**Task directions:** Exactly the lines from the beginning of the records to the line with "In plain terms, the highlighted cylindrical face has radius 4.5", both ends included, are to be given again, and pictures are to be left out.

**Provided information:**
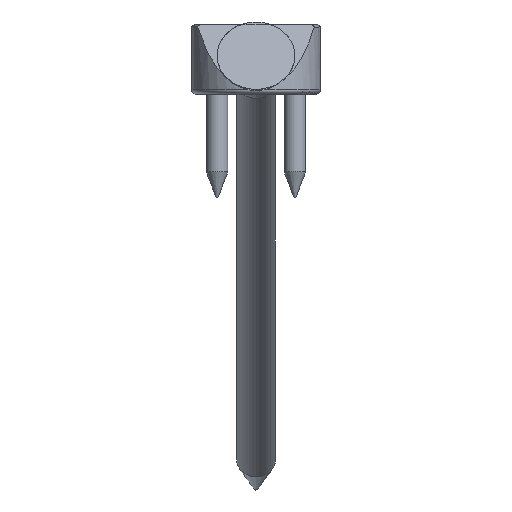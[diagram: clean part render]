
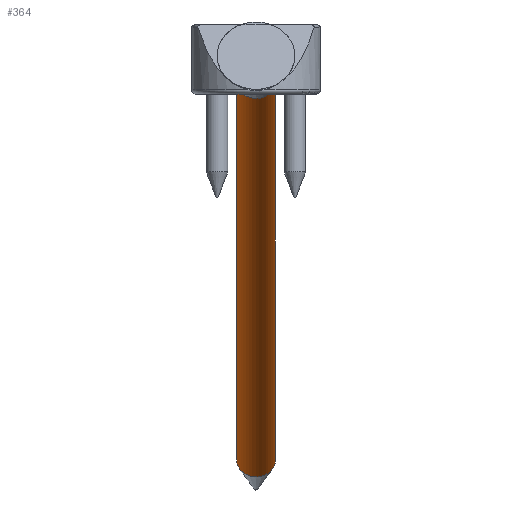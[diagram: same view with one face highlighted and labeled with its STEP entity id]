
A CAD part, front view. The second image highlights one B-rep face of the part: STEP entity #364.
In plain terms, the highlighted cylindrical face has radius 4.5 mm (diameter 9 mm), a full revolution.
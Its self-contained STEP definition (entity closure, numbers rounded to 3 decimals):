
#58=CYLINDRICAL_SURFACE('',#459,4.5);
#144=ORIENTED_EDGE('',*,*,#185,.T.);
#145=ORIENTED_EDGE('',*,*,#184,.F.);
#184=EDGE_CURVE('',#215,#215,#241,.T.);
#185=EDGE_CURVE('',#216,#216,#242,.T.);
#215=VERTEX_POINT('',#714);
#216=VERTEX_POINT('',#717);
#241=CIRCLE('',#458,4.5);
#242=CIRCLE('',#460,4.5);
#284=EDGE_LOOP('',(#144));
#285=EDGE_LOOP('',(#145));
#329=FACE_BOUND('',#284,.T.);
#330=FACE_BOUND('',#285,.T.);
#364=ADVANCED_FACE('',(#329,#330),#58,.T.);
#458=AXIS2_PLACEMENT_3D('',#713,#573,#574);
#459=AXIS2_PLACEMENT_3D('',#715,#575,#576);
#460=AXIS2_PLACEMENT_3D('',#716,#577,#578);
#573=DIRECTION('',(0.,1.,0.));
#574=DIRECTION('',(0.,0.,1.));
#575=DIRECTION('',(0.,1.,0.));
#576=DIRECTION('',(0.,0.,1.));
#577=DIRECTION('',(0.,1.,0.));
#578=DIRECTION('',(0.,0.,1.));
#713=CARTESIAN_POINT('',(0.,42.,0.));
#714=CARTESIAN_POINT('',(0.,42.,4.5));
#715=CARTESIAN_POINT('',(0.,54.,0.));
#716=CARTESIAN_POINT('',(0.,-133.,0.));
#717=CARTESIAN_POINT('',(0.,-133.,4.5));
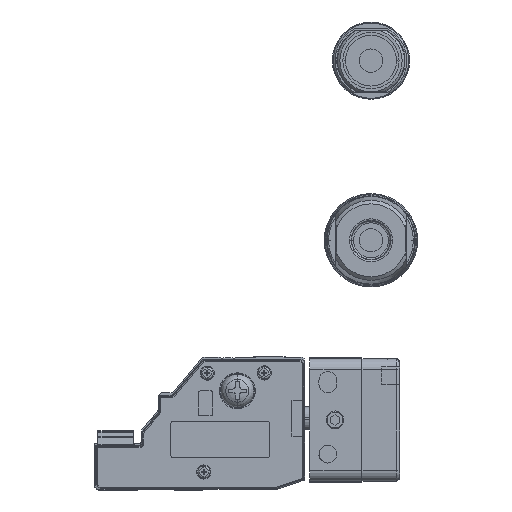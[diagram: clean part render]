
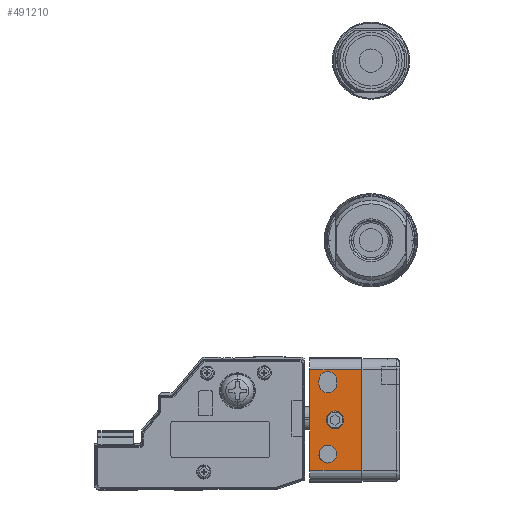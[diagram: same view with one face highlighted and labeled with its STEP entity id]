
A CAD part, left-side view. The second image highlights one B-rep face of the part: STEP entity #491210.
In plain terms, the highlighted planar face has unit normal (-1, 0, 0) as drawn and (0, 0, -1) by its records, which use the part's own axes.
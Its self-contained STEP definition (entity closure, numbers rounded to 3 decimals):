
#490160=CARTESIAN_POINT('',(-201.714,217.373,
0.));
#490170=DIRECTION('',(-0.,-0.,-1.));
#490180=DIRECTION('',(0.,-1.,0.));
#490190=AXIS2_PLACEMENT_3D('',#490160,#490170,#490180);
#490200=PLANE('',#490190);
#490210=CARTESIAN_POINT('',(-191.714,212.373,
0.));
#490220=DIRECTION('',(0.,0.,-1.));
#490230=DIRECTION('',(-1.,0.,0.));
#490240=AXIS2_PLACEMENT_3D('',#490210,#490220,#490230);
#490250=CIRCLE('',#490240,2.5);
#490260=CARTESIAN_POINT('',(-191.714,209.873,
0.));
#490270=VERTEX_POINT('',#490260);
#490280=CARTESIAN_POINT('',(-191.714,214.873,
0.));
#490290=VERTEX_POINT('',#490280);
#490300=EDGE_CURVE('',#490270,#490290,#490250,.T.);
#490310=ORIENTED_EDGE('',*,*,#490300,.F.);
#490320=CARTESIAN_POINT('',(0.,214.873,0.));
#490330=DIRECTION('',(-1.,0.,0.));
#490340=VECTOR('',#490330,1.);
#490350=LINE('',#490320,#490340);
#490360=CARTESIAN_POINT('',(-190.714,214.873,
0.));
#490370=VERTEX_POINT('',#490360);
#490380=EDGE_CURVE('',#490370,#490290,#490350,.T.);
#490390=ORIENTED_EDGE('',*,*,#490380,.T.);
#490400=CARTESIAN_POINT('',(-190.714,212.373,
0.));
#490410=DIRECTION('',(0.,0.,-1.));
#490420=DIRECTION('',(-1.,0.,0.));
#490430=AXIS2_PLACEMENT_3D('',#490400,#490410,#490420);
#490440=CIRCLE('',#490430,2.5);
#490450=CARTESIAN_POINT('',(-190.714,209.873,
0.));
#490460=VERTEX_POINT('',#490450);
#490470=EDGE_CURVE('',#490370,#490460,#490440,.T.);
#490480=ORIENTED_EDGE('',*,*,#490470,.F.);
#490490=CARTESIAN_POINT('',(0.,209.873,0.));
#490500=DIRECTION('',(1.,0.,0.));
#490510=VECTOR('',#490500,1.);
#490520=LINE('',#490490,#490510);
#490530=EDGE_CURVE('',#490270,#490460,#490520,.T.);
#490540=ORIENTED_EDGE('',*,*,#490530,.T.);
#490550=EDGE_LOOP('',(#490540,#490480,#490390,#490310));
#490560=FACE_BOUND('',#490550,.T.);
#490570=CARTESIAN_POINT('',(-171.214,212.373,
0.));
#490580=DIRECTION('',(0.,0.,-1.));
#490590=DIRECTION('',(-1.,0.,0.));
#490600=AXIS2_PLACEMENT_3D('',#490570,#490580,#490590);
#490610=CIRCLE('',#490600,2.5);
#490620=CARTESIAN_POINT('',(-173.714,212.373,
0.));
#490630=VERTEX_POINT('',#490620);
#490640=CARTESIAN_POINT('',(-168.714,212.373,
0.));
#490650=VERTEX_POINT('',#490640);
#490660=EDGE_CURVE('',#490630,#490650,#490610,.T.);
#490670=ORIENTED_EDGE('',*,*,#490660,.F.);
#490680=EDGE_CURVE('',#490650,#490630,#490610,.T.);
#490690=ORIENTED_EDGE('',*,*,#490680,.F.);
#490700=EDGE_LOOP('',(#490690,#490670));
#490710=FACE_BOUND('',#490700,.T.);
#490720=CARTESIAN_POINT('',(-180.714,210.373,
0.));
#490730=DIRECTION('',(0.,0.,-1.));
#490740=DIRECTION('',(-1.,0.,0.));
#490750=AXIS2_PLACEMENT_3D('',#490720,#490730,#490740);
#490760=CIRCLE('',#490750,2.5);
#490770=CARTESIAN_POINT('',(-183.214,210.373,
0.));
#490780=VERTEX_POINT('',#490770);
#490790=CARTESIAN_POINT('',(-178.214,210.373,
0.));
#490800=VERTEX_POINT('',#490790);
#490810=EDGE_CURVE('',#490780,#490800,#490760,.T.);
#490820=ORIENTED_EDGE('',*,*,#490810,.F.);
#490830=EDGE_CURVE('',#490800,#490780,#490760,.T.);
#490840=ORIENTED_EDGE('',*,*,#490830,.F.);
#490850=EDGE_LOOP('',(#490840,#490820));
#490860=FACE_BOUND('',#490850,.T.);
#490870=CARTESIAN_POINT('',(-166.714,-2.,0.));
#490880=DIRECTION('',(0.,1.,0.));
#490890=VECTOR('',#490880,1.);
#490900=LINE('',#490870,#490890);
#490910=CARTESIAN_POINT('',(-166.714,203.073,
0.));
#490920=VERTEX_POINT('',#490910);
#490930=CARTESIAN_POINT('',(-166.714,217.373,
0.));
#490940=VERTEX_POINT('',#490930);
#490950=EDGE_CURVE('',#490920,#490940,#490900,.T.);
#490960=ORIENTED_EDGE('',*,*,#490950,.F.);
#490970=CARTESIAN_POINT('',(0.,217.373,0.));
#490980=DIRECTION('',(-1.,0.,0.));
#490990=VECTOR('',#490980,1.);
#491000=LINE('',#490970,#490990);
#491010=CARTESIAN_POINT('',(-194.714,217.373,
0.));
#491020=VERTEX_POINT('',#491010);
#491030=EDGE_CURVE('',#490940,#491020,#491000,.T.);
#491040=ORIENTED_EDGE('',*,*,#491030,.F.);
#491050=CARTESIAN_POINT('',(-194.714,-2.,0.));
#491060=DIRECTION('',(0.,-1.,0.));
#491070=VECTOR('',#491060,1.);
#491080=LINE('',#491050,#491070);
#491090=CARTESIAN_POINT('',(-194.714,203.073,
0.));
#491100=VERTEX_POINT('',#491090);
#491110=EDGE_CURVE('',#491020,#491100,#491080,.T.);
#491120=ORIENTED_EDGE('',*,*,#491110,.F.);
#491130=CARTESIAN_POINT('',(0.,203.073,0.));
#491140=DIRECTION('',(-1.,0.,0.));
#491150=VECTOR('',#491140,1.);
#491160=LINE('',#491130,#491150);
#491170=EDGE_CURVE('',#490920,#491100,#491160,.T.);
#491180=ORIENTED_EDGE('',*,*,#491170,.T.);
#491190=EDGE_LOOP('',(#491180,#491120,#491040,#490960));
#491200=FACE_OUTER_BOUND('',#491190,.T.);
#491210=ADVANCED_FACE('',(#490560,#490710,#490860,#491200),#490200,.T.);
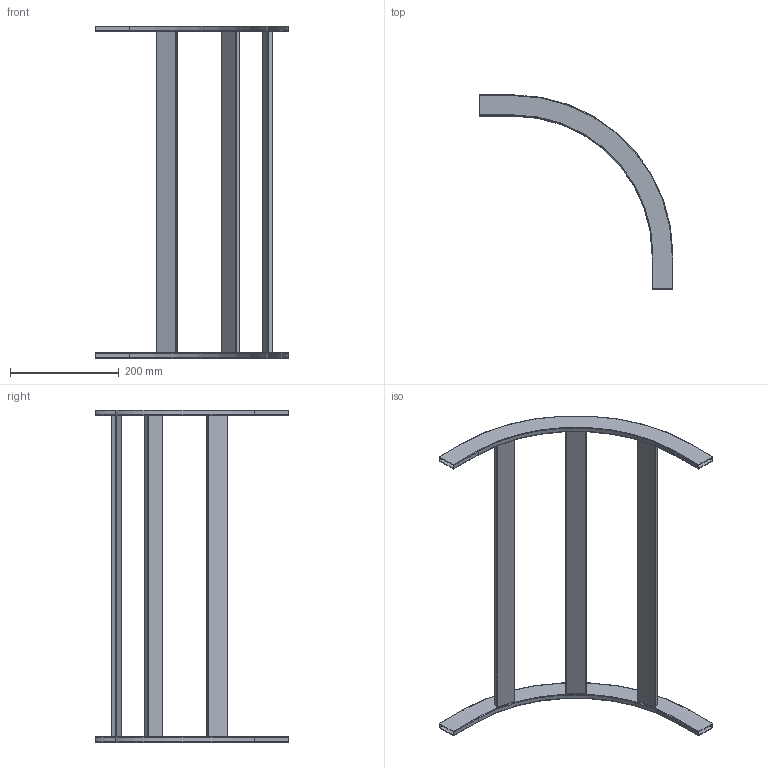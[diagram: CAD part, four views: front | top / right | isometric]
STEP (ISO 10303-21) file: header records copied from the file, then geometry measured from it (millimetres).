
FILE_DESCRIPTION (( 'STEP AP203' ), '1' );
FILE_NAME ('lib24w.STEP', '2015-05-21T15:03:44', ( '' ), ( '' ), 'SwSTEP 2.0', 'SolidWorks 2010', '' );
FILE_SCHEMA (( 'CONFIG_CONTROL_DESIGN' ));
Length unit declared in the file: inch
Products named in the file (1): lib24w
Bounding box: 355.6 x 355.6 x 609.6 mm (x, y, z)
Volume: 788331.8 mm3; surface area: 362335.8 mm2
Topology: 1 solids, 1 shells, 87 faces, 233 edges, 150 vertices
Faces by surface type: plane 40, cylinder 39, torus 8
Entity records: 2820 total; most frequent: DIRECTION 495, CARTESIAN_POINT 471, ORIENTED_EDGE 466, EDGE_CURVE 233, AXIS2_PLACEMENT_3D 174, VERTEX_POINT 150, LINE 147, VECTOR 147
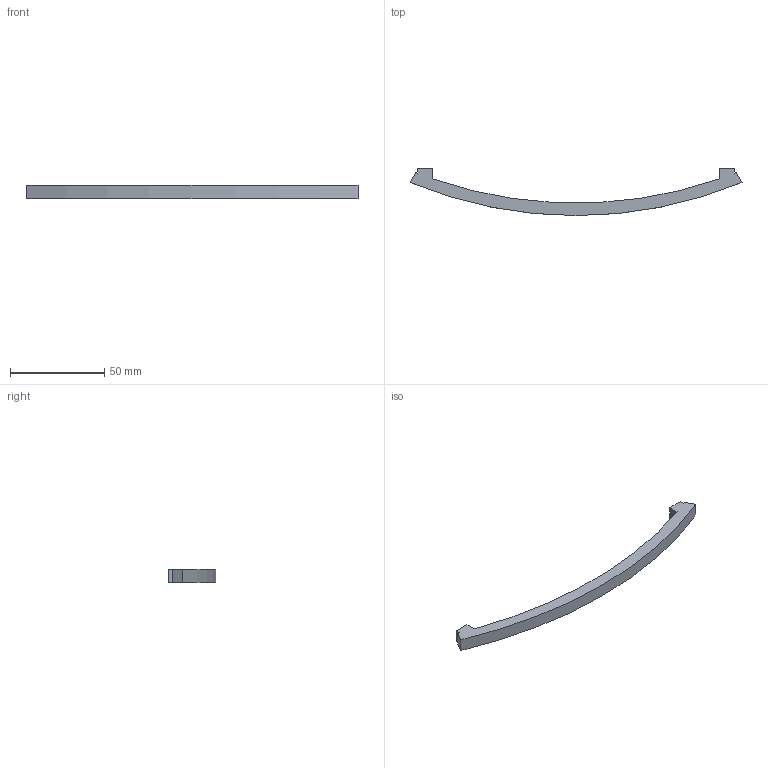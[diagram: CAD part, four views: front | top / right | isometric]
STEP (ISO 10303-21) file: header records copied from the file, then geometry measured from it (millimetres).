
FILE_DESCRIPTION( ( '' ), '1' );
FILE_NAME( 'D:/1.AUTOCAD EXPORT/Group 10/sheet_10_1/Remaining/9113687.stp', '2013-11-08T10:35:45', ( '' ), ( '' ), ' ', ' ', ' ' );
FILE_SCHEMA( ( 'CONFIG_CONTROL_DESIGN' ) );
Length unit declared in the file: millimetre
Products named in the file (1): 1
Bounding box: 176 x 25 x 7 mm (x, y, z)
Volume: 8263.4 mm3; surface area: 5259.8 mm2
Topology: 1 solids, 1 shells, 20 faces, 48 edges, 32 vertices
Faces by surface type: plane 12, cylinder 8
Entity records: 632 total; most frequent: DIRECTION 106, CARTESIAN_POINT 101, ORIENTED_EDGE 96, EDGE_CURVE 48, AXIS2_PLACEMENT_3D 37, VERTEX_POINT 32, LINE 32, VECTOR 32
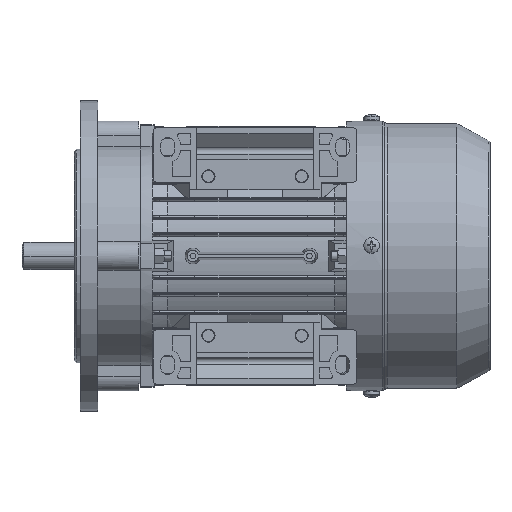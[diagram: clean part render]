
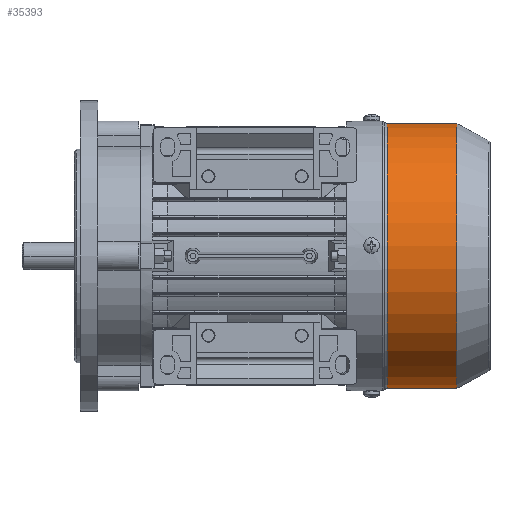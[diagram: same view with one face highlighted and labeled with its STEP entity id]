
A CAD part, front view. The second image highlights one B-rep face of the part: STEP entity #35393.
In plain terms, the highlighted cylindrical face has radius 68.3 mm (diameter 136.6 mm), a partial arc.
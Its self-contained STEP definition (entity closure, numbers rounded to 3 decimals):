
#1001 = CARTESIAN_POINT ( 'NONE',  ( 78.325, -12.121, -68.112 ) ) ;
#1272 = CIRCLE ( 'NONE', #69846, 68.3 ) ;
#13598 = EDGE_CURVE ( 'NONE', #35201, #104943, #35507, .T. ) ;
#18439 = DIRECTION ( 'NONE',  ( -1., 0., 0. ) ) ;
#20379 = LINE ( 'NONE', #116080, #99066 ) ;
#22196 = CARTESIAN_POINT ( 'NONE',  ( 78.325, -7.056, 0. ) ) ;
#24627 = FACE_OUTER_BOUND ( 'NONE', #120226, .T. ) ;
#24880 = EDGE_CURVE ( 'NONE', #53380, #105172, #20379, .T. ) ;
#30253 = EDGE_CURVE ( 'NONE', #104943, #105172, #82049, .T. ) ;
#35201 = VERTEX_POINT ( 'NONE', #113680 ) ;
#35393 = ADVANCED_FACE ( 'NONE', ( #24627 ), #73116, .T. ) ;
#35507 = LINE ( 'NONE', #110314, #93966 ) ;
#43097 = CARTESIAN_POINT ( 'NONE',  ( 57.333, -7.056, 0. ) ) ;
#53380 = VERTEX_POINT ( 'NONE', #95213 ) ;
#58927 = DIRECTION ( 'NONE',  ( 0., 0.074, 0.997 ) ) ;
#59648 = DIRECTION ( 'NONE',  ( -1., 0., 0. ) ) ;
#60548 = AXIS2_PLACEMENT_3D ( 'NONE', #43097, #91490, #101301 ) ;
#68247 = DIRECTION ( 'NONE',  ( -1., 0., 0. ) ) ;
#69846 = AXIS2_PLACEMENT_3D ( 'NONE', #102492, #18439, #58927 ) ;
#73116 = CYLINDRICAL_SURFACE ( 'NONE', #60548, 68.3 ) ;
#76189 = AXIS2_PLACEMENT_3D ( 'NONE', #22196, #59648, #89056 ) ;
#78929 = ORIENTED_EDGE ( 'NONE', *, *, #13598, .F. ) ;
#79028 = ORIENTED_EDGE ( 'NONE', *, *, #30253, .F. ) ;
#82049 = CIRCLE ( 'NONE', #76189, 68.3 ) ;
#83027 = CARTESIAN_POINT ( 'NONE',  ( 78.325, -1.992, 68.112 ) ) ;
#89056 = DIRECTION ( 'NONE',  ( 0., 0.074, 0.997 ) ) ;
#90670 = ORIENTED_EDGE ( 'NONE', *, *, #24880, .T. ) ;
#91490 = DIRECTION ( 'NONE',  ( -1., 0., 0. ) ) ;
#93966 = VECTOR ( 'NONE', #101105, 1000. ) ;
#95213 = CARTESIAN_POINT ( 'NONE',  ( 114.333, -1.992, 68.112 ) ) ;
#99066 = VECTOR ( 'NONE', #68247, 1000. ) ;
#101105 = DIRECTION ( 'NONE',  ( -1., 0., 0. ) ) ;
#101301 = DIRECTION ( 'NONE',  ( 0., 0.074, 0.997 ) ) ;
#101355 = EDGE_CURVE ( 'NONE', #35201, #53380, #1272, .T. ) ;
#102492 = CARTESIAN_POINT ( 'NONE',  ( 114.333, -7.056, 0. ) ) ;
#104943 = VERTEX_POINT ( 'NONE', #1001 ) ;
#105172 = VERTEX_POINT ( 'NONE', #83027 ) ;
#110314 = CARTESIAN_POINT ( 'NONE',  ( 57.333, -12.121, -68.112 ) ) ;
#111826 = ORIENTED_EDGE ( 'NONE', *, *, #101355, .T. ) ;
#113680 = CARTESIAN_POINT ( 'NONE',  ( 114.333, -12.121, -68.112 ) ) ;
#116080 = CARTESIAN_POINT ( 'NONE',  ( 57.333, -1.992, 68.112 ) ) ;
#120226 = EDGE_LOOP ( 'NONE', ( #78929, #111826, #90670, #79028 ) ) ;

**The completed task:**
[diagram: clean part render]
[diagram: same view with one face highlighted and labeled with its STEP entity id]
A CAD part, front view. The second image highlights one B-rep face of the part: STEP entity #364.
In plain terms, the highlighted cylindrical face has radius 4.5 mm (diameter 9 mm), a full revolution.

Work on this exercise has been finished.